§ **What the task asks**
Would you print every entry below exactly as written, omitting the images?

[Start of Attachment]

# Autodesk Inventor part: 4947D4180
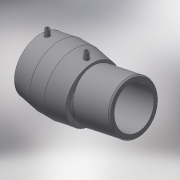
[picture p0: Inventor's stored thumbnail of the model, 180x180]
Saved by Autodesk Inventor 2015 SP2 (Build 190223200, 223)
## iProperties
Created: 2017-06
Part Number: 4947D4180
Material: Generic
Description: PLASSON ADJUSTABLE ELBOW (ONE SIDE) 180
Document SubType Name: Modeling
Designer: KIM
Mass: 3815.49 g
Surface Area: 4566.88 cm^2
Volume: 3815.49 cm^3
Density: 1 g/cm^3
Appearance: Default
Author: KIM
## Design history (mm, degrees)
derived "4947D4.ipt"
feature "Solid1::4947D4.ipt"
tag "TaggingFeature1"
body "Solid1"
other parameters: "d0" = 191.625, "d2" = 223, "d3" = 138, "d4" = 69, "d5" = 200.7, "d8" = 168 deg, "d10" = 55.2, "d11" = 18.4, "d29" = 128, "d30" = 15, "d31" = 73, "d34" = 5 deg, "d41" = 4, "d42" = 14, "d43" = 0, "d48" = 162, "d55" = 32.175, "d57" = 168 deg, "d62" = 3, "d63" = 0, "d65" = 365, "d67" = 162, "d68" = 135 deg, "d69" = 138, "d70" = 82.51, "d71" = 4.46, "L_" = 365, "L_1" = 138, "D_" = 223, "A_" = 128, "d_2" = 12, "L_0" = 148, "L_2" = 138, "d54" = 53.625, "d59" = 206.43096
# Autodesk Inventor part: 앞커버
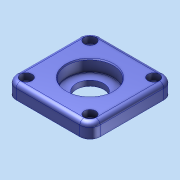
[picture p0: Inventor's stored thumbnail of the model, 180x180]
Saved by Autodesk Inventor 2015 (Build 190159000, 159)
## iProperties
Created: 2026-02
Part Number: 앞커버
Material: 일반
Document SubType Name: Modeling
Designer: Administrator
Density: 1 g/cm^3
Appearance: 기본값
Author: Administrator
Author: jhkim
Creation Date: 2026-01-30
Sending System: Autodesk Inventor 2026
Preprocessor: ST-DEVELOPER v20.1
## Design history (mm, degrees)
node "앞커버1"
node "솔리드1"
node "기준1"

[End of Attachment]

§ **Solution for this exercise**
# Autodesk Inventor part: 4947D4180
[picture p0: Inventor's stored thumbnail of the model, 180x180]
Saved by Autodesk Inventor 2015 SP2 (Build 190223200, 223)
## iProperties
Created: 2017-06
Part Number: 4947D4180
Material: Generic
Description: PLASSON ADJUSTABLE ELBOW (ONE SIDE) 180
Document SubType Name: Modeling
Designer: KIM
Mass: 3815.49 g
Surface Area: 4566.88 cm^2
Volume: 3815.49 cm^3
Density: 1 g/cm^3
Appearance: Default
Author: KIM
## Design history (mm, degrees)
derived "4947D4.ipt"
feature "Solid1::4947D4.ipt"
tag "TaggingFeature1"
body "Solid1"
other parameters: "d0" = 191.625, "d2" = 223, "d3" = 138, "d4" = 69, "d5" = 200.7, "d8" = 168 deg, "d10" = 55.2, "d11" = 18.4, "d29" = 128, "d30" = 15, "d31" = 73, "d34" = 5 deg, "d41" = 4, "d42" = 14, "d43" = 0, "d48" = 162, "d55" = 32.175, "d57" = 168 deg, "d62" = 3, "d63" = 0, "d65" = 365, "d67" = 162, "d68" = 135 deg, "d69" = 138, "d70" = 82.51, "d71" = 4.46, "L_" = 365, "L_1" = 138, "D_" = 223, "A_" = 128, "d_2" = 12, "L_0" = 148, "L_2" = 138, "d54" = 53.625, "d59" = 206.43096
# Autodesk Inventor part: 앞커버
[picture p0: Inventor's stored thumbnail of the model, 180x180]
Saved by Autodesk Inventor 2015 (Build 190159000, 159)
## iProperties
Created: 2026-02
Part Number: 앞커버
Material: 일반
Document SubType Name: Modeling
Designer: Administrator
Density: 1 g/cm^3
Appearance: 기본값
Author: Administrator
Author: jhkim
Creation Date: 2026-01-30
Sending System: Autodesk Inventor 2026
Preprocessor: ST-DEVELOPER v20.1
## Design history (mm, degrees)
node "앞커버1"
node "솔리드1"
node "기준1"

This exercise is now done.